The last known SIkhs were those surviving WW2

After that the people of the religion went under assimulation and the weakening of the religion since the martial side become symbolic

If a kirpan has no use in 2010 then it could be a requirement of taking amrit that you are qualified in a martial art then

This way the use of a kirpan evolves into the use of your fist and therefore Sikhism remains martial and spirtual

You cannot defend the weak or let alone defend yourself if you do not undertake any martial training?  

If you are a police officer that wears a gun and then tomorrow guns are banned, how would you feel if you were then asked to wear a toy water pistol?

So I am not saying that the kirpan should be removed but even a symbolic one around your neck or the one in your kanga is good enough as long as you take some sort of martial training, boxing, karate mma etc etc in its replacement

About the Sikh homeland point - well we had a Sikh homeland and then after the British we lost it

Another poster in this thread said, maybe in 100 years no one wears a turban then that is greater eveidence that we do not need a Sikh homeland becuase if we diverge from Sikh principles then you are no longer fighting for a Sikh homeland.  A sikh homeland is a place to be a sikh not open up pubs and clubs, whisky partying etc etc

TBH having the Harmindr Sahib denotes out homeland without offically having one and this is more than enough


----------



## spnadmin (Nov 12, 2010)

*Re: So We, Sikhs Want a Homeland?*



Seeker9 said:


> Just to develop my thinking further...if there was one place on Earth that would spring to mind as a logical location for a Buddhist homeland, I would go for the one place most closely associated with the birth of Buddha....i.e Nepal....yet clearly that is not a Buddhist homeland...in fact there are more Hindus in Nepal than there are Buddhists



Nepal is today for all intents and purposes a Communist country. Formerly a theocracy with the king serving as head of religion and head of state, this is no longer the case. 

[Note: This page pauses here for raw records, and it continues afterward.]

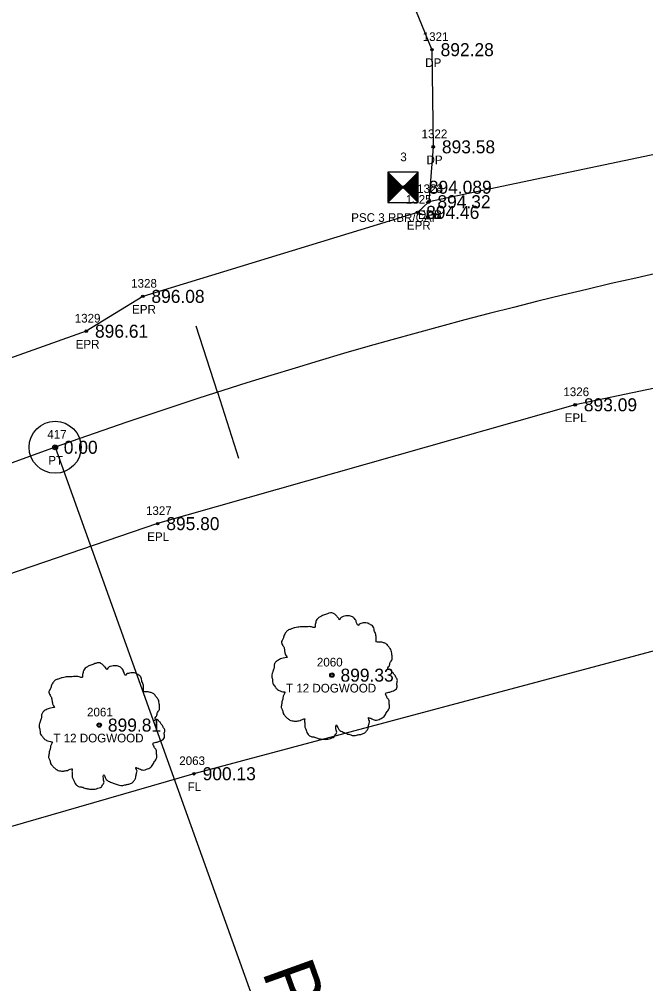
# Model space of a CAD drawing. Extents: x 1448136 to 1453623, y 1125056 to 1128842.
# Drawn here: x 1448926.9 to 1448999.1, y 1126836.9 to 1126948.2 of the extents above; entities that cross this region are included whole.
import ezdxf

# ---------------------------------------------------------------- set-up
doc = ezdxf.new("R2010")
doc.units = 0
for name, color, linetype in [('RD_EX_Driveway', 7, 'Continuous'), ('RD_EX_Driveway_txCode', 7, 'Continuous'), ('RD_EX_Fence_Other', 7, 'Continuous'), ('RD_EX_Fence_Other_txCode', 7, 'Continuous'), ('RD_EX_Road', 7, 'Continuous'), ('RD_EX_Road_txCode', 7, 'Continuous'), ('RD_EX_TX_Driveway_ELEV', 7, 'Continuous'), ('RD_EX_TX_Fence_Other_ELEV', 7, 'Continuous'), ('RD_EX_TX_Road_ELEV', 7, 'Continuous'), ('RD_EX_TX_VEG_ELEV', 7, 'Continuous'), ('RD_EX_VEG', 7, 'Continuous'), ('RD_EX_VEG_txCode', 7, 'Continuous'), ('RD_HC_Cl', 7, 'Continuous'), ('RD_HC_Data', 7, 'Continuous'), ('RD_HC_Data_Tic', 7, 'Continuous'), ('RD_HC_Survey', 7, 'Continuous'), ('RD_HC_Survey_ELEV', 7, 'Continuous'), ('RD_HC_txCode', 7, 'Continuous'), ('RD_SMD_Locator', 7, 'Continuous')]:
    doc.layers.add(name, color=color, linetype=linetype)

msp = doc.modelspace()

# ---------------------------------------------------------------- linework, layer by layer
at = {"layer": 'RD_EX_Driveway'}
msp.add_lwpolyline([(1449023.03, 1126937.4), (1449000.91, 1126949.09), (1448977.52, 1126965.39), (1448969.14, 1126957.73), (1448974.48, 1126944.7), (1448974.63, 1126933.49), (1448974.11, 1126927.16)], dxfattribs=at)
at = {"layer": 'RD_EX_Fence_Other'}
msp.add_lwpolyline([(1448975.76, 1126805.4), (1449010.37, 1126832.06), (1449003.73, 1126876.29), (1448947.02, 1126861.17), (1448899.19, 1126847.35), (1448908.83, 1126812.34)], dxfattribs=at)
at = {"layer": 'RD_EX_Road'}
for points in [[(1449482.54, 1126860.68), (1449432.31, 1126877.02), (1449388.08, 1126891.1), (1449338.36, 1126907.04), (1449288.58, 1126921), (1449240.68, 1126932.6), (1449188.86, 1126940.12), (1449140.06, 1126943.48), (1449087.15, 1126942.31), (1449035.96, 1126936.97), (1449031.74, 1126936.28), (1449027.6, 1126937.81), (1449023.03, 1126937.4), (1448974.11, 1126927.16), (1448972.81, 1126925.93), (1448941.11, 1126916.24), (1448934.6, 1126912.22), (1448888.05, 1126895.64)], [(1449474.36, 1126838.35), (1449426.72, 1126853.6), (1449379.49, 1126868.74), (1449332.07, 1126883.87), (1449284.48, 1126897.19), (1449236.53, 1126909.1), (1449187.55, 1126916.77), (1449138.32, 1126919.77), (1449088.85, 1126918.94), (1449039.71, 1126913.91), (1448991.01, 1126903.73), (1448942.83, 1126890.02), (1448896.24, 1126874.12)]]:
    msp.add_lwpolyline(points, dxfattribs=at)
at = {"layer": 'RD_EX_VEG'}
for centre, radius in [((1448962.93, 1126872.54), 0.25), ((1448962.92, 1126872.52), 0.0001), ((1448936.09, 1126866.78), 0.25), ((1448936.08, 1126866.76), 0.0001)]:
    msp.add_circle(centre, radius, dxfattribs=at)
for points in [[(1448963.06, 1126879.71), (1448962.76, 1126879.73), (1448962.44, 1126879.63), (1448962.19, 1126879.53), (1448961.96, 1126879.46), (1448961.74, 1126879.36), (1448961.44, 1126879.18), (1448961.21, 1126878.98), (1448961.09, 1126878.73), (1448961.04, 1126878.51), (1448960.99, 1126878.23), (1448960.99, 1126878.06), (1448960.86, 1126878.03), (1448960.71, 1126878.06), (1448960.46, 1126878.13), (1448960.21, 1126878.13), (1448959.96, 1126878.13), (1448959.61, 1126878.11), (1448959.26, 1126878.11), (1448958.99, 1126878.06), (1448958.66, 1126878.01), (1448958.29, 1126877.88), (1448957.94, 1126877.76), (1448957.64, 1126877.51), (1448957.39, 1126877.03), (1448957.27, 1126876.68), (1448957.12, 1126876.43), (1448957.27, 1126875.98), (1448957.44, 1126875.63), (1448957.47, 1126875.43), (1448957.54, 1126875.01), (1448957.64, 1126874.78), (1448957.77, 1126874.58), (1448957.69, 1126874.56), (1448957.32, 1126874.51), (1448957.02, 1126874.41), (1448956.59, 1126874.18), (1448956.37, 1126873.96), (1448956.27, 1126873.63), (1448956.24, 1126873.28), (1448956.14, 1126873.08), (1448956.07, 1126872.81), (1448956.04, 1126872.73), (1448955.99, 1126872.41), (1448956.09, 1126871.96), (1448956.12, 1126871.61), (1448956.24, 1126871.38), (1448956.39, 1126871.21), (1448956.57, 1126870.96), (1448956.97, 1126870.73), (1448957.29, 1126870.63), (1448957.49, 1126870.61), (1448957.32, 1126870.11), (1448957.27, 1126869.76), (1448957.14, 1126869.36), (1448957.14, 1126869.28), (1448957.09, 1126868.81), (1448957.24, 1126868.48), (1448957.32, 1126868.11), (1448957.49, 1126867.89), (1448957.77, 1126867.59), (1448958.09, 1126867.36), (1448958.59, 1126867.24), (1448958.99, 1126867.26), (1448959.56, 1126867.44), (1448959.81, 1126867.51), (1448959.79, 1126867.34), (1448959.81, 1126866.96), (1448959.81, 1126866.54), (1448959.96, 1126866.21), (1448960.06, 1126865.94), (1448960.21, 1126865.69), (1448960.54, 1126865.46), (1448960.94, 1126865.39), (1448961.36, 1126865.24), (1448961.81, 1126865.16), (1448962.31, 1126865.14), (1448962.91, 1126865.29), (1448963.19, 1126865.41), (1448963.29, 1126865.59), (1448963.49, 1126865.96), (1448963.44, 1126866.19), (1448963.46, 1126866.79), (1448963.56, 1126866.61), (1448963.74, 1126866.26), (1448964.24, 1126865.96), (1448964.64, 1126865.79), (1448965.11, 1126865.64), (1448965.41, 1126865.56), (1448965.89, 1126865.64), (1448966.26, 1126865.71), (1448966.64, 1126865.84), (1448966.94, 1126866.11), (1448967.11, 1126866.39), (1448967.16, 1126866.66), (1448967.24, 1126867.04), (1448967.29, 1126867.21)], [(1448967.29, 1126867.21), (1448967.21, 1126867.39), (1448967.16, 1126867.64), (1448967.24, 1126867.61), (1448967.41, 1126867.56), (1448967.69, 1126867.44), (1448967.91, 1126867.36), (1448968.24, 1126867.39), (1448968.51, 1126867.49), (1448968.96, 1126867.76), (1448969.24, 1126868.24), (1448969.51, 1126868.63), (1448969.59, 1126868.96), (1448969.54, 1126869.18), (1448969.51, 1126869.68), (1448969.31, 1126869.93), (1448969.26, 1126870.06), (1448969.16, 1126870.46), (1448969.24, 1126870.51), (1448969.51, 1126870.56), (1448969.89, 1126870.68), (1448970.16, 1126870.81), (1448970.38, 1126870.98), (1448970.46, 1126871.21), (1448970.43, 1126871.61), (1448970.48, 1126872.01), (1448970.41, 1126872.16), (1448970.31, 1126872.31), (1448970.23, 1126872.51), (1448970.08, 1126872.66), (1448969.99, 1126872.81), (1448969.89, 1126872.91), (1448969.76, 1126873.06), (1448969.59, 1126873.18), (1448969.44, 1126873.23), (1448969.39, 1126873.38), (1448969.54, 1126873.58), (1448969.59, 1126873.68), (1448969.61, 1126873.91), (1448969.84, 1126874.26), (1448969.89, 1126874.66), (1448969.84, 1126875.08), (1448969.79, 1126875.36), (1448969.64, 1126875.63), (1448969.44, 1126875.88), (1448969.31, 1126876.06), (1448969.14, 1126876.18), (1448968.81, 1126876.31), (1448968.56, 1126876.36), (1448968.21, 1126876.36), (1448968.01, 1126876.41), (1448968.04, 1126876.46), (1448968.04, 1126876.61), (1448968.04, 1126876.88), (1448967.96, 1126877.33), (1448967.81, 1126877.83), (1448967.81, 1126877.86), (1448967.71, 1126878.11), (1448967.49, 1126878.31), (1448967.31, 1126878.41), (1448967.11, 1126878.53), (1448966.86, 1126878.56), (1448966.56, 1126878.56), (1448966.29, 1126878.51), (1448966.09, 1126878.41), (1448965.91, 1126878.28), (1448965.84, 1126878.43), (1448965.74, 1126878.73), (1448965.69, 1126878.88), (1448965.54, 1126879.06), (1448965.31, 1126879.26), (1448964.86, 1126879.38), (1448964.24, 1126879.31), (1448963.94, 1126879.11), (1448963.79, 1126878.93), (1448963.74, 1126879.06), (1448963.54, 1126879.26), (1448963.44, 1126879.43), (1448963.26, 1126879.56), (1448963.11, 1126879.66), (1448963.01, 1126879.71)], [(1448936.23, 1126873.95), (1448935.93, 1126873.97), (1448935.6, 1126873.87), (1448935.35, 1126873.77), (1448935.13, 1126873.7), (1448934.9, 1126873.6), (1448934.6, 1126873.42), (1448934.38, 1126873.22), (1448934.25, 1126872.97), (1448934.2, 1126872.75), (1448934.15, 1126872.47), (1448934.15, 1126872.3), (1448934.03, 1126872.27), (1448933.88, 1126872.3), (1448933.63, 1126872.37), (1448933.38, 1126872.37), (1448933.13, 1126872.37), (1448932.78, 1126872.35), (1448932.43, 1126872.35), (1448932.15, 1126872.3), (1448931.83, 1126872.25), (1448931.45, 1126872.12), (1448931.1, 1126872), (1448930.8, 1126871.75), (1448930.55, 1126871.27), (1448930.43, 1126870.92), (1448930.28, 1126870.67), (1448930.43, 1126870.22), (1448930.6, 1126869.87), (1448930.63, 1126869.67), (1448930.7, 1126869.25), (1448930.8, 1126869.02), (1448930.93, 1126868.82), (1448930.85, 1126868.8), (1448930.48, 1126868.75), (1448930.18, 1126868.65), (1448929.75, 1126868.42), (1448929.53, 1126868.2), (1448929.43, 1126867.87), (1448929.4, 1126867.52), (1448929.3, 1126867.32), (1448929.23, 1126867.05), (1448929.2, 1126866.97), (1448929.15, 1126866.65), (1448929.25, 1126866.2), (1448929.28, 1126865.85), (1448929.4, 1126865.62), (1448929.55, 1126865.45), (1448929.73, 1126865.2), (1448930.13, 1126864.97), (1448930.45, 1126864.87), (1448930.65, 1126864.85), (1448930.48, 1126864.35), (1448930.43, 1126864), (1448930.3, 1126863.6), (1448930.3, 1126863.52), (1448930.25, 1126863.05), (1448930.4, 1126862.72), (1448930.48, 1126862.35), (1448930.65, 1126862.13), (1448930.93, 1126861.83), (1448931.25, 1126861.6), (1448931.75, 1126861.48), (1448932.15, 1126861.5), (1448932.73, 1126861.68), (1448932.98, 1126861.75), (1448932.95, 1126861.58), (1448932.98, 1126861.2), (1448932.98, 1126860.78), (1448933.13, 1126860.45), (1448933.23, 1126860.18), (1448933.38, 1126859.93), (1448933.7, 1126859.7), (1448934.1, 1126859.63), (1448934.53, 1126859.48), (1448934.98, 1126859.4), (1448935.48, 1126859.38), (1448936.08, 1126859.53), (1448936.35, 1126859.65), (1448936.45, 1126859.83), (1448936.65, 1126860.2), (1448936.6, 1126860.43), (1448936.63, 1126861.03), (1448936.73, 1126860.85), (1448936.9, 1126860.5), (1448937.4, 1126860.2), (1448937.8, 1126860.03), (1448938.27, 1126859.88), (1448938.57, 1126859.8), (1448939.05, 1126859.88), (1448939.42, 1126859.95), (1448939.8, 1126860.08), (1448940.1, 1126860.35), (1448940.27, 1126860.63), (1448940.32, 1126860.9), (1448940.4, 1126861.28), (1448940.45, 1126861.45)], [(1448940.45, 1126861.45), (1448940.37, 1126861.63), (1448940.32, 1126861.88), (1448940.4, 1126861.85), (1448940.57, 1126861.8), (1448940.85, 1126861.68), (1448941.07, 1126861.6), (1448941.4, 1126861.63), (1448941.67, 1126861.73), (1448942.12, 1126862), (1448942.4, 1126862.48), (1448942.67, 1126862.87), (1448942.75, 1126863.2), (1448942.7, 1126863.42), (1448942.67, 1126863.92), (1448942.47, 1126864.17), (1448942.42, 1126864.3), (1448942.32, 1126864.7), (1448942.4, 1126864.75), (1448942.67, 1126864.8), (1448943.05, 1126864.92), (1448943.32, 1126865.05), (1448943.55, 1126865.22), (1448943.62, 1126865.45), (1448943.6, 1126865.85), (1448943.65, 1126866.25), (1448943.57, 1126866.4), (1448943.47, 1126866.55), (1448943.4, 1126866.75), (1448943.25, 1126866.9), (1448943.15, 1126867.05), (1448943.05, 1126867.15), (1448942.92, 1126867.3), (1448942.75, 1126867.42), (1448942.6, 1126867.47), (1448942.55, 1126867.62), (1448942.7, 1126867.82), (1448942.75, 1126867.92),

Not any longer a Hindu nor  a Buddhist nation. http://www.asianews.it/index.php?l=en&art=8244&size=A


----------



## spnadmin (Nov 12, 2010)

*Re: So We, Sikhs Want a Homeland?*

Some unanswered questions for me on the subject of a Sikh homeland are related to the role of religion in government. Theocracy, state religion,  not the same thing, pose some concerns in my humble opinion

1. Would you want it to be a theocracy, which is a state governed by a theocracy?

Definition of THEOCRACY: government of a state by immediate divine guidance or by officials who are regarded as divinely guided. An example would be Saudi Arabia.

2. Would you want Sikhism to be the state religion?

A state religion (also called an official religion, established church or state church) is a religious body or creed officially endorsed by the state. (Practically, a state without a state religion is called a secular state.)

3. Would you want this homeland to be secular, but where government is dominated by the religious principles of the cultural group that founded it, or that had been the historical majority? An example would be Israel or Ireland?

For examples of the difficulties now experienced in Israel you can read this blog. Very informative http://religionandstateinisrael.blogspot.com/


----------



## Seeker9 (Nov 12, 2010)

*Re: So We, Sikhs Want a Homeland?*

SPNAdmin Ji has asked some good meaty questions

I will think about those carefully but in the meantime I will add some mundane administrative questions to do with how the new homeland would be run ..simple things like currency, justice, imports, exports, funding, healthcare, defence, taxation, international profile, UN Recognition, currency recognition and exchange etc etc etc

I noticed another thread which I haven't had the chance to read yet, but it was called "Poverty in Punjab"

If a homeland was established within Punjab, would it make that sad situation any better? If so, how?

So to summarise in brief:

1) Why is the homeland absolutely necessary?
2) Will it be economically viable and sustainable and will the quality of life for everybody improve compared to what they have now?
3)* Will it be of any spiritual benefit and make existing Sikhs into better Sikhs otherwise what is the point?*


It is one thing to want a homeland and a place to call your own

It is another matter entirely to establish one on the world scene and keep it going.....


----------



## hparmar (Nov 12, 2010)

*Re: So We, Sikhs Want a Homeland?*

"A sikh homeland is a place to be a sikh not open up pubs and clubs,  whisky partying etc etc"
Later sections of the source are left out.